┌─ Supplied records

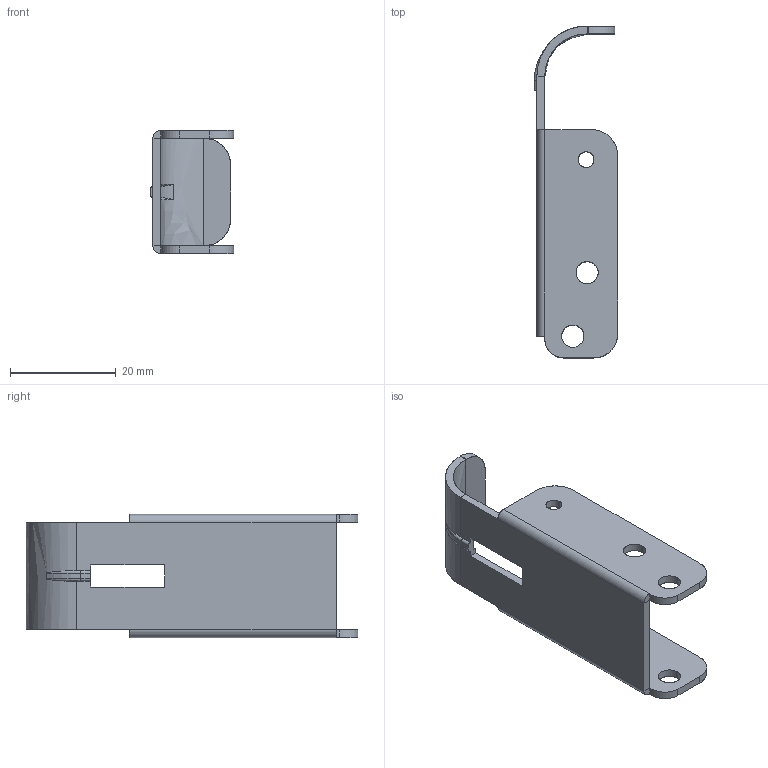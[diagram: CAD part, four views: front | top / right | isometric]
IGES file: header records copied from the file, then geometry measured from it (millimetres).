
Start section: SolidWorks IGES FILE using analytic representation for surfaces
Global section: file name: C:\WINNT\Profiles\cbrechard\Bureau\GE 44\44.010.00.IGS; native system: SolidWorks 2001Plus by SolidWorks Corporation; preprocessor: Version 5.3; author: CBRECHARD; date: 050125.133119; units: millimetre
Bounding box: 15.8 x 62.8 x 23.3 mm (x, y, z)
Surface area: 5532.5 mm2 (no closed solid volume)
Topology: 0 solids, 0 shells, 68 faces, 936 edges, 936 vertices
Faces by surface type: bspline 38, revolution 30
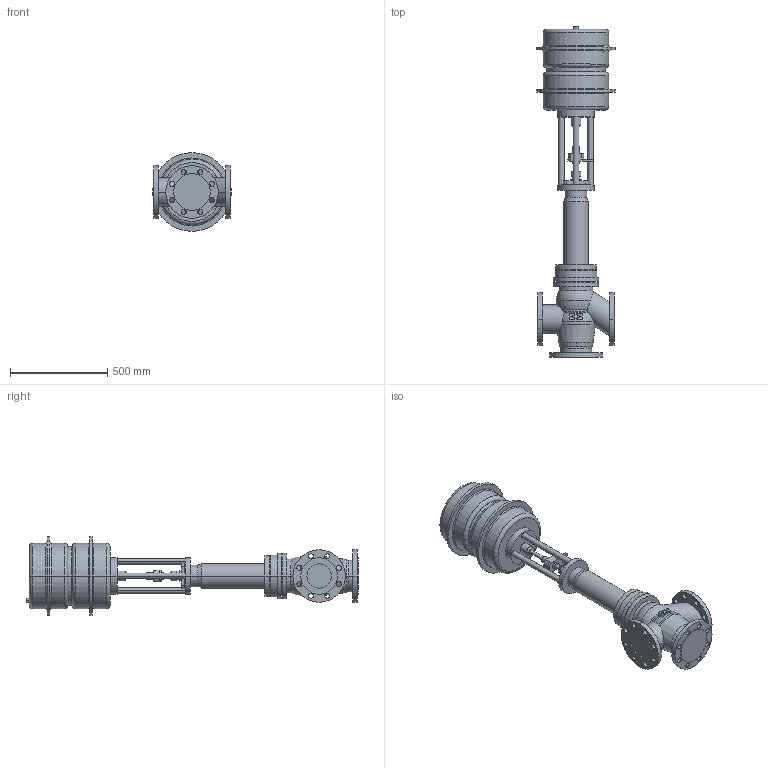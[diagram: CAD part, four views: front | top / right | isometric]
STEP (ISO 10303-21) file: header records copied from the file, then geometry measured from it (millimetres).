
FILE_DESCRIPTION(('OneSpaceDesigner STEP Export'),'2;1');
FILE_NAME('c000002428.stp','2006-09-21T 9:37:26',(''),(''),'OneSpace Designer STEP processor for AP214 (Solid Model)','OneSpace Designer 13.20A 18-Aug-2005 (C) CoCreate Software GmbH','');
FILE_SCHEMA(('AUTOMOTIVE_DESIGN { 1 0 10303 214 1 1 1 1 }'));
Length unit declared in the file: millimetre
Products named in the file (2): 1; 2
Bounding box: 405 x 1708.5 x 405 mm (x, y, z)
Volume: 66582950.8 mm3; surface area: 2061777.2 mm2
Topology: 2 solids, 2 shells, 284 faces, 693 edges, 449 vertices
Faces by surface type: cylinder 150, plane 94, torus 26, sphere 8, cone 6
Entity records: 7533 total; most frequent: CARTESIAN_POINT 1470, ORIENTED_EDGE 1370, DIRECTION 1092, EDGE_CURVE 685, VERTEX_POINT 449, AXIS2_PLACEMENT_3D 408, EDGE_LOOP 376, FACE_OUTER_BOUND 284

└─

Your goal:
Every line above should be returned word for word, with the pictures left behind.

Solution for this exercise:
[diagram: CAD part, four views: front | top / right | isometric]
IGES file: header records copied from the file, then geometry measured from it (millimetres).
Start section: SolidWorks IGES FILE using analytic representation for surfaces
Global section: file name: C:\WINNT\Profiles\cbrechard\Bureau\GE 44\44.010.00.IGS; native system: SolidWorks 2001Plus by SolidWorks Corporation; preprocessor: Version 5.3; author: CBRECHARD; date: 050125.133119; units: millimetre
Bounding box: 15.8 x 62.8 x 23.3 mm (x, y, z)
Surface area: 5532.5 mm2 (no closed solid volume)
Topology: 0 solids, 0 shells, 68 faces, 936 edges, 936 vertices
Faces by surface type: bspline 38, revolution 30
[diagram: CAD part, four views: front | top / right | isometric]
STEP (ISO 10303-21) file: header records copied from the file, then geometry measured from it (millimetres).
FILE_DESCRIPTION(('OneSpaceDesigner STEP Export'),'2;1');
FILE_NAME('c000002428.stp','2006-09-21T 9:37:26',(''),(''),'OneSpace Designer STEP processor for AP214 (Solid Model)','OneSpace Designer 13.20A 18-Aug-2005 (C) CoCreate Software GmbH','');
FILE_SCHEMA(('AUTOMOTIVE_DESIGN { 1 0 10303 214 1 1 1 1 }'));
Length unit declared in the file: millimetre
Products named in the file (2): 1; 2
Bounding box: 405 x 1708.5 x 405 mm (x, y, z)
Volume: 66582950.8 mm3; surface area: 2061777.2 mm2
Topology: 2 solids, 2 shells, 284 faces, 693 edges, 449 vertices
Faces by surface type: cylinder 150, plane 94, torus 26, sphere 8, cone 6
Entity records: 7533 total; most frequent: CARTESIAN_POINT 1470, ORIENTED_EDGE 1370, DIRECTION 1092, EDGE_CURVE 685, VERTEX_POINT 449, AXIS2_PLACEMENT_3D 408, EDGE_LOOP 376, FACE_OUTER_BOUND 284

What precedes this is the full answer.